Following the great anti-Jewish riots of the 1390s, the Iberian Peninsula saw waves of pogroms, forced baptisms, voluntary conversions, and increasing emigration of whole Jewish communities.  By the time of the establishment of the Inquisition in Castile in the last quarter of the fifteenth century, forced conversionary preaching, harassment of backsliders, and inauguration of racial laws (the need for “pure blood” to hold public, civil, and church positions, to participate in state activities, and to serve in the army or travel overseas) made life virtually impossible for practicing Jews and for Crypto-Jews who had assumed a nominal conversion and marriage into the landed gentry and title-holding aristocrats would allow for a normalizing of social and commercial activity.  The expulsion of Jews in 1492 from Spain and the 1497 forced conversion en masse of all Portuguese Jews were the final straws that broke the camel’s back. 



[1] Agamben, The Sacrament of Language, p.  58.
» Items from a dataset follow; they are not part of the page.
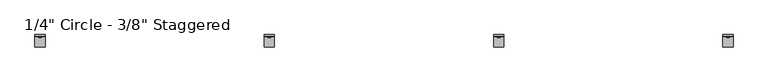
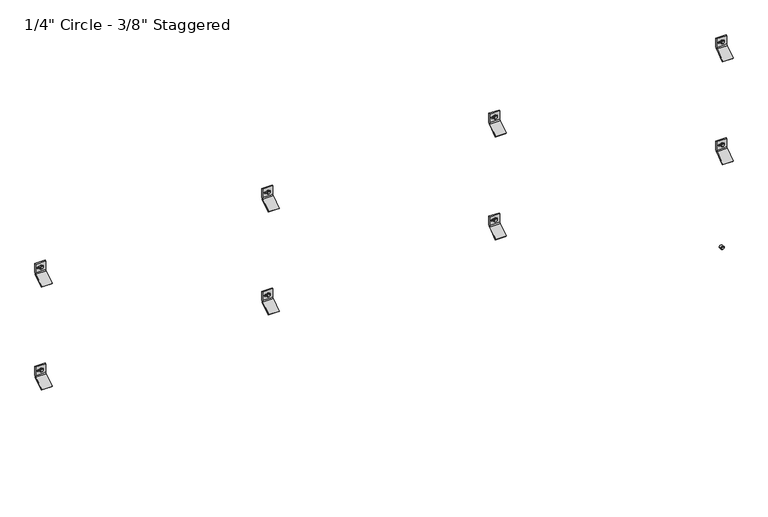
"""IFC4 building model written with IfcOpenShell, lengths in millimetres: plate geometry."""

from ifc_helpers import new_model, si_unit, point, frame, frame_2d, origin, place, context, project, spatial, polyline, circle_curve, trimmed, segment, composite_curve, outline, extrude, source, transform, mapped, element, save
from ifc_brep_helpers import plane_surface, cylinder_surface, revolved_surface, advanced_brep


def plate_bebbbf79(model_context):
    return source(origin(), model_context, "Body", "SolidModel", [
        extrude(outline(polyline([(1395.4295323, 1273.4858014), (1391.0838197, 1275.9947997), (1391.0838197, 1281.0127963), (1395.4295323, 1283.5217946), (1399.7752448, 1281.0127963), (1399.7752448, 1275.9947997), (1395.4295323, 1273.4858014)])), frame((0.0, -58.7607779, 0.0), z_axis=(0.0, 1.0, 0.0), x_axis=(0.0, 0.0, 1.0)), (0.0, 0.0, 1.0), 11.1357779),
        extrude(outline(composite_curve([segment(trimmed(circle_curve(frame_2d((1395.5228392, 1278.503798)), 6.35), [point((1395.5228392, 1284.853798))], [point((1395.5228392, 1272.153798))], False, "CARTESIAN"), True, "CONTINUOUS"), segment(trimmed(circle_curve(frame_2d((1395.5228392, 1278.503798)), 6.35), [point((1395.5228392, 1272.153798))], [point((1395.5228392, 1284.853798))], False, "CARTESIAN"), True, "CONTINUOUS")], self_intersect=False)), frame((0.0, -57.0817743, 0.0), z_axis=(0.0, 1.0, 0.0), x_axis=(0.0, 0.0, 1.0)), (0.0, 0.0, 1.0), 9.4567743),
        advanced_brep(
        [(1259.453798, -47.625, 1378.2802202), (1259.453798, -51.2819443, 1370.6181877), (1259.453798, -89.5163624, 1343.84616), (1259.453798, -92.9330442, 1347.2628418), (1259.453798, -54.3526876, 1374.2770983), (1259.453798, -52.4002, 1378.2802911), (1259.453798, -52.4002, 1412.4729053), (1259.453798, -47.625, 1412.4729053), (1297.553798, -47.625, 1378.2802202), (1297.553798, -47.625, 1412.4729053), (1297.553798, -52.4002, 1412.4729053), (1297.553798, -52.4002, 1378.2802911), (1297.553798, -54.3526876, 1374.2770983), (1297.553798, -92.9330442, 1347.2628418), (1297.553798, -89.5163624, 1343.84616), (1297.553798, -51.2819443, 1370.6181877), (1285.2449869, -52.4002, 1398.4276891), (1285.2449869, -52.4002, 1392.0776891), (1269.0171267, -52.4002, 1392.0776891), (1269.0171267, -52.4002, 1398.4276891), (1285.2449869, -47.625, 1392.0776891), (1285.2449869, -47.625, 1398.4276891), (1269.0171267, -47.625, 1398.4276891), (1269.0171267, -47.625, 1392.0776891)],
        [
            (0, 1, circle_curve(frame((1259.453798, -57.4802202, 1378.2802202), z_axis=(-1.0, 0.0, 0.0), x_axis=(0.0, -1.0, 0.0)), 9.8552202)),
            (1, 2),
            (2, 3),
            (3, 4),
            (4, 5, circle_curve(frame((1259.453798, -57.4803246, 1378.2802911), z_axis=(1.0, 0.0, 0.0), x_axis=(0.0, -1.0, 0.0)), 5.0801246)),
            (5, 6),
            (6, 7),
            (7, 0),
            (8, 9),
            (9, 10),
            (10, 11),
            (11, 12, circle_curve(frame((1297.553798, -57.4803246, 1378.2802911), z_axis=(-1.0, 0.0, 0.0), x_axis=(0.0, -1.0, 0.0)), 5.0801246)),
            (12, 13),
            (13, 14),
            (14, 15),
            (15, 8, circle_curve(frame((1297.553798, -57.4802202, 1378.2802202), z_axis=(1.0, 0.0, 0.0), x_axis=(0.0, -1.0, 0.0)), 9.8552202)),
            (4, 12),
            (11, 5),
            (10, 6),
            (16, 17, circle_curve(frame((1285.2449869, -52.4002, 1395.2526891), z_axis=(0.0, 1.0, 0.0), x_axis=(0.0, 0.0, -1.0)), 3.175)),
            (17, 18),
            (18, 19, circle_curve(frame((1269.0171267, -52.4002, 1395.2526891), z_axis=(0.0, 1.0, 0.0), x_axis=(0.0, 0.0, -1.0)), 3.175)),
            (19, 16),
            (9, 7),
            (8, 0),
            (20, 21, circle_curve(frame((1285.2449869, -47.625, 1395.2526891), z_axis=(0.0, -1.0, 0.0), x_axis=(0.0, 0.0, -1.0)), 3.175)),
            (21, 22),
            (22, 23, circle_curve(frame((1269.0171267, -47.625, 1395.2526891), z_axis=(0.0, -1.0, 0.0), x_axis=(0.0, 0.0, -1.0)), 3.175)),
            (23, 20),
            (15, 1),
            (20, 17),
            (16, 21),
            (19, 22),
            (18, 23),
            (14, 2),
            (13, 3),
        ],
        [
            plane_surface(frame((1259.453798, -67.3354404, 1378.2802202), z_axis=(-1.0, 0.0, 0.0), x_axis=(0.0, 0.0, 1.0))),
            plane_surface(frame((1297.553798, -67.3354404, 1378.2802202), z_axis=(1.0, 0.0, 0.0), x_axis=(0.0, 0.0, -1.0))),
            revolved_surface(polyline([(1297.553798, -62.5604492, 1378.2802911), (1259.453798, -62.5604492, 1378.2802911)]), (1297.553798, -57.4803246, 1378.2802911), (1.0, 0.0, 0.0)),
            plane_surface(frame((1259.453798, -52.4002, 1378.2802911), z_axis=(0.0, -1.0, 0.0), x_axis=(1.0, 0.0, 0.0))),
            plane_surface(frame((1259.453798, -52.4002, 1412.4729053), z_axis=(0.0, 0.0, 1.0), x_axis=(1.0, 0.0, 0.0))),
            plane_surface(frame((1259.453798, -47.625, 1412.4729053), z_axis=(0.0, 1.0, 6.99569853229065e-12), x_axis=(1.0, 0.0, 0.0))),
            cylinder_surface(frame((1297.553798, -57.4802202, 1378.2802202), z_axis=(-1.0, 0.0, 0.0), x_axis=(0.0, -1.0, 0.0)), 9.8552202),
            revolved_surface(polyline([(1285.2449869, -52.4002, 1392.0776891), (1285.2449869, -47.625, 1392.0776891)]), (1285.2449869, -25.6669948, 1395.2526891), (0.0, -1.0, 0.0)),
            plane_surface(frame((1285.2449869, -86.677982, 1398.4276891), z_axis=(0.0, 0.0, -1.0), x_axis=(0.0, 1.0, 0.0))),
            revolved_surface(polyline([(1269.0171267, -52.4002, 1392.0776891), (1269.0171267, -47.625, 1392.0776891)]), (1269.0171267, -25.6669948, 1395.2526891), (0.0, -1.0, 0.0)),
            plane_surface(frame((1269.0171267, -86.677982, 1392.0776891), z_axis=(-2.7237720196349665e-11, 0.0, 1.0), x_axis=(0.0, 1.0, 0.0))),
            plane_surface(frame((1259.453798, -51.2819443, 1370.6181877), z_axis=(0.0, 0.5735764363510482, -0.8191520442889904), x_axis=(1.0, 0.0, 0.0))),
            plane_surface(frame((1259.453798, -89.5163624, 1343.84616), z_axis=(0.0, -0.7071067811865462, -0.7071067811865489), x_axis=(1.0, 0.0, 0.0))),
            plane_surface(frame((1259.453798, -92.9330442, 1347.2628418), z_axis=(0.0, -0.5735764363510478, 0.8191520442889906), x_axis=(1.0, 0.0, 0.0))),
        ],
        [
            (0, [[1, 2, 3, 4, 5, 6, 7, 8]]),
            (1, [[9, 10, 11, 12, 13, 14, 15, 16]]),
            (2, [[-5, 17, -12, 18]]),
            (3, [[-6, -18, -11, 19], [20, 21, 22, 23]]),
            (4, [[-7, -19, -10, 24]]),
            (5, [[-8, -24, -9, 25], [26, 27, 28, 29]]),
            (6, [[-1, -25, -16, 30]]),
            (7, [[31, -20, 32, -26]]),
            (8, [[-32, -23, 33, -27]]),
            (9, [[-33, -22, 34, -28]]),
            (10, [[-31, -29, -34, -21]]),
            (11, [[-2, -30, -15, 35]]),
            (12, [[-3, -35, -14, 36]]),
            (13, [[-4, -36, -13, -17]]),
        ],
    ),
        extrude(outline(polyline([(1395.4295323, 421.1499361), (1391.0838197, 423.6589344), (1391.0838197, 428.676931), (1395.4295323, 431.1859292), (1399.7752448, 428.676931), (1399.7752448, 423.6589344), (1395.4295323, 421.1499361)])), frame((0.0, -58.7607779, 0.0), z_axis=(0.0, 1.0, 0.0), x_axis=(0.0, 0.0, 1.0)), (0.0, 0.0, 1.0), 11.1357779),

[2 Agamben says: “Christianity is, in its proper sense of the term, a religion and a divinization of the Logos.  The attempt to to reconcile faith as the performative experience of a veridiction with belief in a series of dogmas of an assertive type is the task and, at the same time,the central contradiction of the Church, which obloges it, against the clear evangelical command, to technicalize oath and cureses in specific juridical instyitutions.” (The Sacrament of Language, p. 66).  Forced by historical circumstances to live in the midst of a Christendom always teetering on its own contradictions, Jews were both repelled and influenced by the persecutory systems that it everyday confronted.  Its own basic attitudes and practices of living in a world which was both based on an intellectual, literalized Law, and within the structures of a covenant (brit) that bound God and Jews into a horizontal relationship, there was no way to reconcile the tensions between the two religions, not even when some Jews were forced by another set of circumstances to endure baptism and become nominal Christians and, then, once caught in the web of ecclesiastical demand for veridication and veridiction—accepting on faith the truth content of the words used in liturgical practice and the performance of sacramental acts—unable to return into the more argumentative, sceptical and interpretational modes of Judaism.